HOW TO COMPLETE THIS TASK: Working through the lines below, return each one that holds "highlighted".
== Segment start ==
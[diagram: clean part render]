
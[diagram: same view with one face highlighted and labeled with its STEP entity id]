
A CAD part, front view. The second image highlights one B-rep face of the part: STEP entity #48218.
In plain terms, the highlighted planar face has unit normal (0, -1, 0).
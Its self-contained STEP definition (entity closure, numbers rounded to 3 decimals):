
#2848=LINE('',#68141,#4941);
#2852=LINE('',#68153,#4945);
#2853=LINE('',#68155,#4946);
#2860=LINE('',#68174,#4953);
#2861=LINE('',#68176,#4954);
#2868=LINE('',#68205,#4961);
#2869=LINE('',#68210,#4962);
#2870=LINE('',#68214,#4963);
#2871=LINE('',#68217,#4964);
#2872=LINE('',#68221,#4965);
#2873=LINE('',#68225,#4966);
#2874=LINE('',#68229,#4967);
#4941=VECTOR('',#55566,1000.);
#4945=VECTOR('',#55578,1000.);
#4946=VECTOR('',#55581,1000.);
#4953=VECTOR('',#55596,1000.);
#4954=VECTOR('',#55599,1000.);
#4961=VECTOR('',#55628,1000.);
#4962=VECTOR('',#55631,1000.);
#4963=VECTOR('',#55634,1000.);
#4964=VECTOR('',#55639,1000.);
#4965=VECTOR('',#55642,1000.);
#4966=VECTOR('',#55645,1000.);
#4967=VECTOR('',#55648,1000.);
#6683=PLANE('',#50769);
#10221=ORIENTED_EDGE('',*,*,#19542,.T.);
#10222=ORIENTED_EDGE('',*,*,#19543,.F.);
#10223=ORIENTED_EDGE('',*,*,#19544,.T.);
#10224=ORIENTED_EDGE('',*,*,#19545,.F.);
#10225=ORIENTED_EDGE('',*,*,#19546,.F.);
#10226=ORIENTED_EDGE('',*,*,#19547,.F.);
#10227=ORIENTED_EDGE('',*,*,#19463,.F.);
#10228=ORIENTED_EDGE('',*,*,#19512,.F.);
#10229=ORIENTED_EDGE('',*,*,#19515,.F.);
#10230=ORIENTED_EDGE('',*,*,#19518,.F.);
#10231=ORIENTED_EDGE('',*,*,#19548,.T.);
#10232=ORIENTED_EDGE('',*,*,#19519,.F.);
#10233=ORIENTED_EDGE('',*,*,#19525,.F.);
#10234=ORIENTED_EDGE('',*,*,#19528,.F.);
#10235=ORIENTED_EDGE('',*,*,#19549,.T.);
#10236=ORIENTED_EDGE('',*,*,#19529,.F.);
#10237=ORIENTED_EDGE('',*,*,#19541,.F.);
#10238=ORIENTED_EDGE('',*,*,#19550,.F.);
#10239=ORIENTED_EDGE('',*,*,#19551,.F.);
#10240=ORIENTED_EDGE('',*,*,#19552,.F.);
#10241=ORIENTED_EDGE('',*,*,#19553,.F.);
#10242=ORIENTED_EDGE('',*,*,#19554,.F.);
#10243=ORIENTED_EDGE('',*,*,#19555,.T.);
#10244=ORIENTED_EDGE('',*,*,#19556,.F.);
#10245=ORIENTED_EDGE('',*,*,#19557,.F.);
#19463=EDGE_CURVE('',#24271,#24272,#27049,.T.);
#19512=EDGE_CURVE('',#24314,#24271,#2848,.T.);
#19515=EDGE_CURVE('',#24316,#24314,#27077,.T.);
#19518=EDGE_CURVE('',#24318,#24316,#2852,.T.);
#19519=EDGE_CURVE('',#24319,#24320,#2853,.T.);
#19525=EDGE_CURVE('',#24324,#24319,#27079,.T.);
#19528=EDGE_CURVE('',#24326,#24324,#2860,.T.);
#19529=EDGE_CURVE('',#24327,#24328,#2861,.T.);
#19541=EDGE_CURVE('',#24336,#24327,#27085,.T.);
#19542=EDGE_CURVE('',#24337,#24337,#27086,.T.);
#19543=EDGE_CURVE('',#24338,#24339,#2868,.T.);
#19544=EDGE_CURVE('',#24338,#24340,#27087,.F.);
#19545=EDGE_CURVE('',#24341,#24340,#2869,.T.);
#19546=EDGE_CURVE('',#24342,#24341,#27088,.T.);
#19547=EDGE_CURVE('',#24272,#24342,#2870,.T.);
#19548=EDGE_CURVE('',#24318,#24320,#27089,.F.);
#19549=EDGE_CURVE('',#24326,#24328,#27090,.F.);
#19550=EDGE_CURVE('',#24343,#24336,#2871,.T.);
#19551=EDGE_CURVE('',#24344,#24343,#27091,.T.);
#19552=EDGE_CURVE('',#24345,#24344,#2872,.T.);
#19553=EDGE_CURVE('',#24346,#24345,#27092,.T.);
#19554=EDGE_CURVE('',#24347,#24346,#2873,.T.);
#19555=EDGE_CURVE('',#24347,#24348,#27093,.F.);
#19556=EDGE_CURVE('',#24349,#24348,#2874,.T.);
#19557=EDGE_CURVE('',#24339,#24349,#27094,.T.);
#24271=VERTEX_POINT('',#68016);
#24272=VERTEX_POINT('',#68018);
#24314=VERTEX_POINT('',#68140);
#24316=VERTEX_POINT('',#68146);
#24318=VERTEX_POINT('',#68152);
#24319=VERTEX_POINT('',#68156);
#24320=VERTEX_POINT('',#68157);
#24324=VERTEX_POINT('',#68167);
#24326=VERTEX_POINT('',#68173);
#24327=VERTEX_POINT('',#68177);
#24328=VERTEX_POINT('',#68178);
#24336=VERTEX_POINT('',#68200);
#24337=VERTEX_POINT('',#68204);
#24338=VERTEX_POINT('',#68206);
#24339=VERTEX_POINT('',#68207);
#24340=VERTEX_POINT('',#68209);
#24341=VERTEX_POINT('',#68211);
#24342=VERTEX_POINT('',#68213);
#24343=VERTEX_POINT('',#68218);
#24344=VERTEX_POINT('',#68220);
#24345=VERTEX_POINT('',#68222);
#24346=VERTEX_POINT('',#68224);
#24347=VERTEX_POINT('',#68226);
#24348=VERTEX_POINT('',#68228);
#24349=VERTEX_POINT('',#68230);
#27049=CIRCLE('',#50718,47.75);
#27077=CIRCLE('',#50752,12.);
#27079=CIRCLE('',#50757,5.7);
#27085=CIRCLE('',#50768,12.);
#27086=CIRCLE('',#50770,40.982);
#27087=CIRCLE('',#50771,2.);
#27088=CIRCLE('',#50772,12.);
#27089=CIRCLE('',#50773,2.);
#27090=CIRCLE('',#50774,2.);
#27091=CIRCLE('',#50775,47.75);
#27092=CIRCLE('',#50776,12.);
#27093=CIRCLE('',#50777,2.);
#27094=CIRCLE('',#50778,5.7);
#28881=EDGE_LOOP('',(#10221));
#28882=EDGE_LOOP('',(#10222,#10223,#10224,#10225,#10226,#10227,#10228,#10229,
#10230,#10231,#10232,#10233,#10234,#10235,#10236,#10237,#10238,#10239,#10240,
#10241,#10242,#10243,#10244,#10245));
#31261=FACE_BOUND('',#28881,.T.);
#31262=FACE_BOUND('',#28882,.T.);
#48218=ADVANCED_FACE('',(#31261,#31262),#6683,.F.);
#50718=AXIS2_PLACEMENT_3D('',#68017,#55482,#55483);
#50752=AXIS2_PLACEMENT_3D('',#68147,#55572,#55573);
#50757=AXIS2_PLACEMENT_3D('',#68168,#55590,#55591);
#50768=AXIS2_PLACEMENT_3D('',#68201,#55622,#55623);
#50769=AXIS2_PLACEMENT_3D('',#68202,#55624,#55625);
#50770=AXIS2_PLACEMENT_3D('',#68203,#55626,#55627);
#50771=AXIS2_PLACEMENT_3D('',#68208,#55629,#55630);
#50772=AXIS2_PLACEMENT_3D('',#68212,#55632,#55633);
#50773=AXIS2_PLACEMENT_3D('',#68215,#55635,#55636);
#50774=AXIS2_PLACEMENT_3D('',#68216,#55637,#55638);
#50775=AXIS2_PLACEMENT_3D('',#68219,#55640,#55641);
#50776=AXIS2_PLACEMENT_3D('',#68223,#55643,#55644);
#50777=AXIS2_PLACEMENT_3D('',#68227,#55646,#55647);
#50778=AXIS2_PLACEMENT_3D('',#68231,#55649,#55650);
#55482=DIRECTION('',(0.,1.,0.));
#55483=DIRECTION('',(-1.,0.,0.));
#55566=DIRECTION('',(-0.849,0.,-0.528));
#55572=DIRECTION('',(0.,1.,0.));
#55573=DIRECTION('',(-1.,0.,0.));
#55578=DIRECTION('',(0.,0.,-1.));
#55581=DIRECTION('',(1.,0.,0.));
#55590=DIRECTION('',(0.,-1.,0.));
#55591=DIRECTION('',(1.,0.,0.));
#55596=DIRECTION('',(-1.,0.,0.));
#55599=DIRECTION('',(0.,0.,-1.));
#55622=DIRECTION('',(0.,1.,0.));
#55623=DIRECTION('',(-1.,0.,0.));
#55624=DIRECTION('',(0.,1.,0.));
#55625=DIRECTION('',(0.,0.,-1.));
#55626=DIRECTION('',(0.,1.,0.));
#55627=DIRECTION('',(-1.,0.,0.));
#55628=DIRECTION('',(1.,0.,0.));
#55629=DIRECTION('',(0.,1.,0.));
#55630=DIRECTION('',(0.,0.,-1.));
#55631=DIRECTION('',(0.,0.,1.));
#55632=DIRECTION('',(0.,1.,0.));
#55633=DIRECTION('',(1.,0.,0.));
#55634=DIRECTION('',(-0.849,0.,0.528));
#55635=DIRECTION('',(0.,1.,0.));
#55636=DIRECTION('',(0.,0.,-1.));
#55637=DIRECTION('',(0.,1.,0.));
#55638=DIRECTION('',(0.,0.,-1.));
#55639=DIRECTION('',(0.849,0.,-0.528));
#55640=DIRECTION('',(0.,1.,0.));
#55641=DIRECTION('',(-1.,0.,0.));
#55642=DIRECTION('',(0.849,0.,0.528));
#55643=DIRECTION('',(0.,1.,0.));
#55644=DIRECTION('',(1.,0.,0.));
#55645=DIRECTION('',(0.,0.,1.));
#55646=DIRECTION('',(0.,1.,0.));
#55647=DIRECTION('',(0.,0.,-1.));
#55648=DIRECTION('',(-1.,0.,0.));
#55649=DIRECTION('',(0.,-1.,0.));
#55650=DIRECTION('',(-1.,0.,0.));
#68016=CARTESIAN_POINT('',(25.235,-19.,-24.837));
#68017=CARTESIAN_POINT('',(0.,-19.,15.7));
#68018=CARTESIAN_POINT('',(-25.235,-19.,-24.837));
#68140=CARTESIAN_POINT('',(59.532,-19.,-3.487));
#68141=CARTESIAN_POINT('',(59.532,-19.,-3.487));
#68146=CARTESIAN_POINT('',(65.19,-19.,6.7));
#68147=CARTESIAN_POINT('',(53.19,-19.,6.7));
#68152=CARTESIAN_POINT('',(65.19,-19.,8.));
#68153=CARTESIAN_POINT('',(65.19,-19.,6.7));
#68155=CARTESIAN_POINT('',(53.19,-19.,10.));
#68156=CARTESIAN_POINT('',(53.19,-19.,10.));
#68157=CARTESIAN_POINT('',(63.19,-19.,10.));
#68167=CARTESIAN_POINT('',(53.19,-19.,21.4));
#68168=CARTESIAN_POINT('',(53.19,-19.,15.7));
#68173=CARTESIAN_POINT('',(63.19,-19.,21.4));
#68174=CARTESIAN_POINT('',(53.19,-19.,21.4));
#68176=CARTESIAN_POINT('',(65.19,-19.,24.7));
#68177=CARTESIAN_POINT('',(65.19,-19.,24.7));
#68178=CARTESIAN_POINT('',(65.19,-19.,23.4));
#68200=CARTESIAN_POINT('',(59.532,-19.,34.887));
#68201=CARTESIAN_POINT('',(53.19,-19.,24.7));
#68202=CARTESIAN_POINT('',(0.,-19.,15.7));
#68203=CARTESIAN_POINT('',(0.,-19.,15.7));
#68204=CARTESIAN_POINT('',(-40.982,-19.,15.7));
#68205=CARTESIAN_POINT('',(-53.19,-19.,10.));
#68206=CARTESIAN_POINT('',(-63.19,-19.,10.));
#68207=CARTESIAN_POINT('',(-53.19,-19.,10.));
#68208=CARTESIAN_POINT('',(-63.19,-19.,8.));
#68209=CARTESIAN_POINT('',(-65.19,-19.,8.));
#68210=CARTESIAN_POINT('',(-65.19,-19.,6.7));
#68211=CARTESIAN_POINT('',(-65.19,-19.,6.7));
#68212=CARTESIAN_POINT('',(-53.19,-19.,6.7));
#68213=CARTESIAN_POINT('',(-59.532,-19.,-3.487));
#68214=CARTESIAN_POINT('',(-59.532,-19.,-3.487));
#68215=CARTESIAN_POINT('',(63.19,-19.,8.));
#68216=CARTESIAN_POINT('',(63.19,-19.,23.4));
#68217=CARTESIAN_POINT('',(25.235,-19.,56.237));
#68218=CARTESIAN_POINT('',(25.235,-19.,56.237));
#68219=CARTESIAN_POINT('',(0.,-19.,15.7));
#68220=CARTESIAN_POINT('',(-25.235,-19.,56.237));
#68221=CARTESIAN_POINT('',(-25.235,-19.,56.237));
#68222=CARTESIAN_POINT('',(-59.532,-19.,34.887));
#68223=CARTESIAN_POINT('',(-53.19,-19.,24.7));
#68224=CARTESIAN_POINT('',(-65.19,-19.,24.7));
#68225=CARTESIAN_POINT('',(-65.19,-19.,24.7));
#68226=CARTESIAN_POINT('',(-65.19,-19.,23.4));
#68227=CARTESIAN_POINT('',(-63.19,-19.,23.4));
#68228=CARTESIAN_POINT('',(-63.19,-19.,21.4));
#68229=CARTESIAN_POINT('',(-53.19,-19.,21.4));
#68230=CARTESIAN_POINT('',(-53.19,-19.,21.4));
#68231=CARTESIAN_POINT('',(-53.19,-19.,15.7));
== Segment end ==
RESPONSE:
[diagram: same view with one face highlighted and labeled with its STEP entity id]
In plain terms, the highlighted planar face has unit normal (0, -1, 0).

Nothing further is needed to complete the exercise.